>>76390722
>it’s a very one dimensional view of mate selection that’s not borne out by the evidence.
Sure, if you squint real hard status becomes “one dimension.” In the real world it’s the stage on which all other dimensions perform.
>there are certainly people for whom status cues are heavily weighted, but there are many modes of mate fitness and by the nature of humans, there is a wide spectrum of what is valued in practice that converges on certain values for certain profiles of people.
Nice mental gymnastics.
>generally, status in terms of social capital is quite desirable but it need not be head and neck above everyone else and monetary resources are selected for but again it need not be exceptional.

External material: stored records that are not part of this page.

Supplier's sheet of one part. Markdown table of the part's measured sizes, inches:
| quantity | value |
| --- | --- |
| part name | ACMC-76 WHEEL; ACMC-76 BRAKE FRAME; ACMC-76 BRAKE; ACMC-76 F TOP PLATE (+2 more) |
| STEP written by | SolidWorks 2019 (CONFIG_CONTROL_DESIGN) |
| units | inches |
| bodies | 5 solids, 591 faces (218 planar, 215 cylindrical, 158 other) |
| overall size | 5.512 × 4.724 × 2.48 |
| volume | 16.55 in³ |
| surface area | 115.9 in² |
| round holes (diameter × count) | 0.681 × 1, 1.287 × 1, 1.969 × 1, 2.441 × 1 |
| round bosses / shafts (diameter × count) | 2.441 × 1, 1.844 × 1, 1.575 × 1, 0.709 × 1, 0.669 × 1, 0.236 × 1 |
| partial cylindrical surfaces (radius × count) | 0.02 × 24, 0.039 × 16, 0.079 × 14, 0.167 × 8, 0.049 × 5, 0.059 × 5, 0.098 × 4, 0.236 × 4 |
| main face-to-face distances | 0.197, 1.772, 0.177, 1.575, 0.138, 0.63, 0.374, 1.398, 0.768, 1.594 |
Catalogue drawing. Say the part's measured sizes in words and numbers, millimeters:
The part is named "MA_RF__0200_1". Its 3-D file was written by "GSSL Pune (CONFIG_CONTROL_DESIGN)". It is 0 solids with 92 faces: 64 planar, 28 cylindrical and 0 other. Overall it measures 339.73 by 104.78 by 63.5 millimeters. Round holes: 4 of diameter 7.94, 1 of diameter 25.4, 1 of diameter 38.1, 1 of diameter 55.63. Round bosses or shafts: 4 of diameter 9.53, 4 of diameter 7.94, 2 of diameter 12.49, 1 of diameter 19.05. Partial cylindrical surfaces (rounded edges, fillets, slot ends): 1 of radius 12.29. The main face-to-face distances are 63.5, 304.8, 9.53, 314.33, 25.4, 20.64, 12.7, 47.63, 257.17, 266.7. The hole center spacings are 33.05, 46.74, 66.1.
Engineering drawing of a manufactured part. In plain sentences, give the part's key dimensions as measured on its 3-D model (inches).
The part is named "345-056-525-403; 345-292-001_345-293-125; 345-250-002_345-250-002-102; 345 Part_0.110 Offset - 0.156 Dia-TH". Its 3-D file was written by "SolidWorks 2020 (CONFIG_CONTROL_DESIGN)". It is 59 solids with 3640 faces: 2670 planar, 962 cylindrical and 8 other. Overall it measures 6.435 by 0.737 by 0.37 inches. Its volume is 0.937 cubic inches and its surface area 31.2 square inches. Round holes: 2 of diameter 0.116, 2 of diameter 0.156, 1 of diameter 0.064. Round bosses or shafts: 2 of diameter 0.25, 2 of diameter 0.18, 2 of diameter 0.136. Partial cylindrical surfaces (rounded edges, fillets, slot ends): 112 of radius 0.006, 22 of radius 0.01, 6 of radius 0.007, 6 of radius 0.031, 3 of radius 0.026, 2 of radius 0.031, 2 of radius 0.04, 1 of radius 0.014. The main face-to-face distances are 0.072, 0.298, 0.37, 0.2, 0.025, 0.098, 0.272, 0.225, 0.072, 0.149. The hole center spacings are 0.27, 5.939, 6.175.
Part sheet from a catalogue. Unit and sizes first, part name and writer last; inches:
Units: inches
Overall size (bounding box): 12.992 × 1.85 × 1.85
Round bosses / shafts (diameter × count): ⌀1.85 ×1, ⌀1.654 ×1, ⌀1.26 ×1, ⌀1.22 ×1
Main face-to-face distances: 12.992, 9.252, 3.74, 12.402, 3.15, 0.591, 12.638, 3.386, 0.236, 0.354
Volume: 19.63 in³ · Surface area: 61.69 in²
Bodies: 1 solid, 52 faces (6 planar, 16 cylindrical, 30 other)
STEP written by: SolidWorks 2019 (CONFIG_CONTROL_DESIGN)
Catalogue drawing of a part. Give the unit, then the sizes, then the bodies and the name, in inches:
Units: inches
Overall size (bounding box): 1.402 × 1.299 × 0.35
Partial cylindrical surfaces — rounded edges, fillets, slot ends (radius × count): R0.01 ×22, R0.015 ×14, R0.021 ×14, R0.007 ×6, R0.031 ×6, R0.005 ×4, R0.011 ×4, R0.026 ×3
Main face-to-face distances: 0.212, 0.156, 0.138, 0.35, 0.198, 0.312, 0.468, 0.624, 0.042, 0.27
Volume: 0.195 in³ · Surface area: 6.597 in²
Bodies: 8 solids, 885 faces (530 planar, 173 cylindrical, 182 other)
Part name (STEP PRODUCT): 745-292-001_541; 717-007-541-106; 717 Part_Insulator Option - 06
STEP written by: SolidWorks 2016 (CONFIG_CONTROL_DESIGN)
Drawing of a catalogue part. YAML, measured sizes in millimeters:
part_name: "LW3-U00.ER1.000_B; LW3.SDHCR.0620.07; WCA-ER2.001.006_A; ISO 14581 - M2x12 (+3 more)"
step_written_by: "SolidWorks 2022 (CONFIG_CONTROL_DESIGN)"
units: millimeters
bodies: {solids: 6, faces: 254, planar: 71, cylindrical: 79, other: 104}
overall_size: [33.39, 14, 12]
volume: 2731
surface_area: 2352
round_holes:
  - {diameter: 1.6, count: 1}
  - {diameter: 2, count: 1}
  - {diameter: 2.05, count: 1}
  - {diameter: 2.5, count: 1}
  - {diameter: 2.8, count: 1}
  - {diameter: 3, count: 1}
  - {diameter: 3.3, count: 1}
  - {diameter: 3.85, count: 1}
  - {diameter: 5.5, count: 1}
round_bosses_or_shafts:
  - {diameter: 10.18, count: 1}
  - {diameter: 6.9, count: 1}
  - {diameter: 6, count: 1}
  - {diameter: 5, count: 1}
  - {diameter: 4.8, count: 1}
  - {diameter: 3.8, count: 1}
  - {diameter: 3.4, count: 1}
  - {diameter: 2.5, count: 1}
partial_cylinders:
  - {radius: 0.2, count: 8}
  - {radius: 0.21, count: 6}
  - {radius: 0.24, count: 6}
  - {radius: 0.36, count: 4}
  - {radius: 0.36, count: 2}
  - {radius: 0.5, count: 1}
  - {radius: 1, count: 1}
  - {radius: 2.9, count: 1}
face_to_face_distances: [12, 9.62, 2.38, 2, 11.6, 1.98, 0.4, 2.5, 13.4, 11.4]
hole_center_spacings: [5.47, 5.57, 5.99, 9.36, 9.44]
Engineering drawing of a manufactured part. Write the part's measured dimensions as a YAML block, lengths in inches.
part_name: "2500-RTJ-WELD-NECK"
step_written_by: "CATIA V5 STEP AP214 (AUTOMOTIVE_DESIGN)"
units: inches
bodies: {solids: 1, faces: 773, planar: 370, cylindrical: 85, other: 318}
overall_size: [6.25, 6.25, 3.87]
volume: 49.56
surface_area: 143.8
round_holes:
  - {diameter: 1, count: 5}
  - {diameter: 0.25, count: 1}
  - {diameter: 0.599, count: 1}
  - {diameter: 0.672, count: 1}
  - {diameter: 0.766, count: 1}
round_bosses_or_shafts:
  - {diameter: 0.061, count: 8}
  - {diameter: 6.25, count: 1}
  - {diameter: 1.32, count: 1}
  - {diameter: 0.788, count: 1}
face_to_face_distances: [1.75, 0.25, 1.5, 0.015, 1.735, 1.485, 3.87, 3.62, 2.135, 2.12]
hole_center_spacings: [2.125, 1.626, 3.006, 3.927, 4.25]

So… it matters? You're playing semantic shell games here: “status counts, but not really.”
>mate selection is mostly about being above multiple thresholds which are generally pretty reasonable at a population level and in most subpopulations.
Right, thresholds set by… you guessed it, social hierarchy. “Above baseline expectations” is status. Congrats, you just looped back.
>the combination of thresholds actually constrains the mate pool quite a bit but not so much as to be prohibitive temporally.
Cool, so as long as you hit “mediocre-status” benchmarks you’ll find someone. In other words, “playing the status game and winning.”
>for people with greater desirability, generally the constraints are greater and this is still a viable strategy because the pool to select from is larger.
No shit. Status sets the bars. It’s literally the metric that defines desirability tiers.